Forum Moderators: phranque

Message Too Old, No Replies

How to canonicalize .html to .php and /index.html to "/"

How can I do both at the same time?

         

suzukik

9:46 pm on Jan 23, 2009 (gmt 0)

10+ Year Member



One of my clients will canonicalize "/index.html" and "/".
I know I should write on .htaccess like this:

RewriteCond %{THE_REQUEST} ^.*/index.html
RewriteRule ^(.*)index.html$ http://www.example.com/$1 [R=301,L]

He has recently changed file extension of the pages from .html to .php.
(New .php pages have already indexed and cannot be reverted to .html.)

I quess I should write on .htaccess like this:


RewriteRule (.*).html $1.php [PT,L]

Can I write both description as they are? Or are some modifications necessary?

g1smd

11:55 pm on Jan 23, 2009 (gmt 0)

WebmasterWorld Senior Member 10+ Year Member Top Contributors Of The Month



You are in trouble, as what you could have done in advance is simply set up your server so that you continued to use .html URLs, and either had .html files parsed for the PHP scripting within them, or implemented a rewrite so that asking for a .html URL resulted in the content being delivered from the appropriate .php file without revealing what the name of that file actually was. You would have continued to use .html URLs in the links within your site.

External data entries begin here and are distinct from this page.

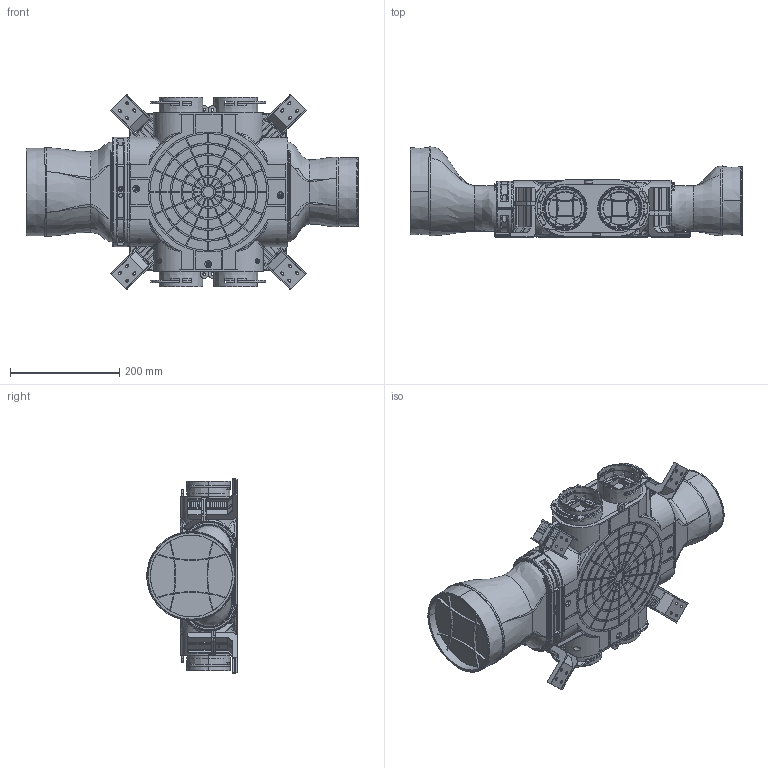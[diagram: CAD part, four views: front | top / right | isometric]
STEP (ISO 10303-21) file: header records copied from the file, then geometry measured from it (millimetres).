
FILE_DESCRIPTION((''),'2;1');
FILE_NAME('VCB160-4-P125_UPR_ASM','2025-12-29T15:52:54',('niepogodzinskij'),(''),'CREO PARAMETRIC BY PTC INC, 2025010','CREO PARAMETRIC BY PTC INC, 2025010','');
FILE_SCHEMA(('CONFIG_CONTROL_DESIGN'));
Products named in the file (8): 0VCBOP_OBUD_VCB_PELNA_1_1_2; 0VCBP75X2_1_1_2; 0VPEO_OBEJMA_1_1_2; 0VCBP125_PRZYLACZE125_1_1_2; 0VBWM_WSPORNIK_VPB_VCB_1_1_2; 0VCBP160_PRZYLACZE160_1; ASM0001_ASM_1_1_2_ASM; VCB160-4-P125_UPR_ASM
Assembly tree (13 placements, depth 3):
  VCB160-4-P125_UPR_ASM
    ASM0001_ASM_1_1_2_ASM
      0VCBOP_OBUD_VCB_PELNA_1_1_2  x2
      0VCBP75X2_1_1_2  x2
      0VPEO_OBEJMA_1_1_2  x2
      0VCBP125_PRZYLACZE125_1_1_2
      0VBWM_WSPORNIK_VPB_VCB_1_1_2  x4
      0VCBP160_PRZYLACZE160_1
Bounding box: 607.25 x 164.79 x 357.57 mm (x, y, z)
Volume: 11283838.9 mm3; surface area: 1058546.3 mm2
Topology: 12 solids, 18 shells, 4955 faces, 13300 edges, 8338 vertices
Faces by surface type: plane 2069, cylinder 1091, torus 666, bspline 576, cone 412, sphere 124, extrusion 17
Entity records: 113606 total; most frequent: CARTESIAN_POINT 50626, ORIENTED_EDGE 13660, DIRECTION 12960, EDGE_CURVE 6830, AXIS2_PLACEMENT_3D 5153, VERTEX_POINT 4287, CIRCLE 2854, EDGE_LOOP 2719

There are a number of options available to you now, most of which are far from optimum.

Your new RewriteRule will allow each .php file to be accessed just the same whether the requested URL ends in .html or in .php and that will make things even worse. You have introduced Duplicate Content issues.

The optimum way would be to use .html URLs for everything again (and can be done, even if the files on the server have .php file names).

The second best option is to redirect .html URLs over to .php URLs so that visitors following old bookmarks etc will still be able to reach the content. There may be a ranking drop of 3 to 6 months caused by changing your URLs.

suzukik

1:10 am on Jan 24, 2009 (gmt 0)

10+ Year Member



I found the best solution is to make PHP run in the .html as you says:

AddType application/x-httpd-php .html

Then to canonicalize "/index.html" and "/".


RewriteCond %{THE_REQUEST} ^.*/index.html
RewriteRule ^(.*)index.html$ http://www.example.com/$1 [R=301,L]

I can redirect all .html to .php instead:


redirectMatch 301 ^/(.*)\.html$ http://www.example.com/$1.php

But canonicalization of "/index.html(php?)" and "/" fails because a loop occurs.

I'm asking him whether or not he can't really revert the extension.

P.S.
Precisely speaking, the client is not mine but my friend's. I would have never let him make such a troublesome mistake.

g1smd

1:33 am on Jan 24, 2009 (gmt 0)

WebmasterWorld Senior Member 10+ Year Member Top Contributors Of The Month



Never mix RewriteRule and RedirectMatch in the same .htaccess file.

Use RewriteRule for both, and have the redirect as first, and rewrite as last. Make sure that both rules have [L] on the end.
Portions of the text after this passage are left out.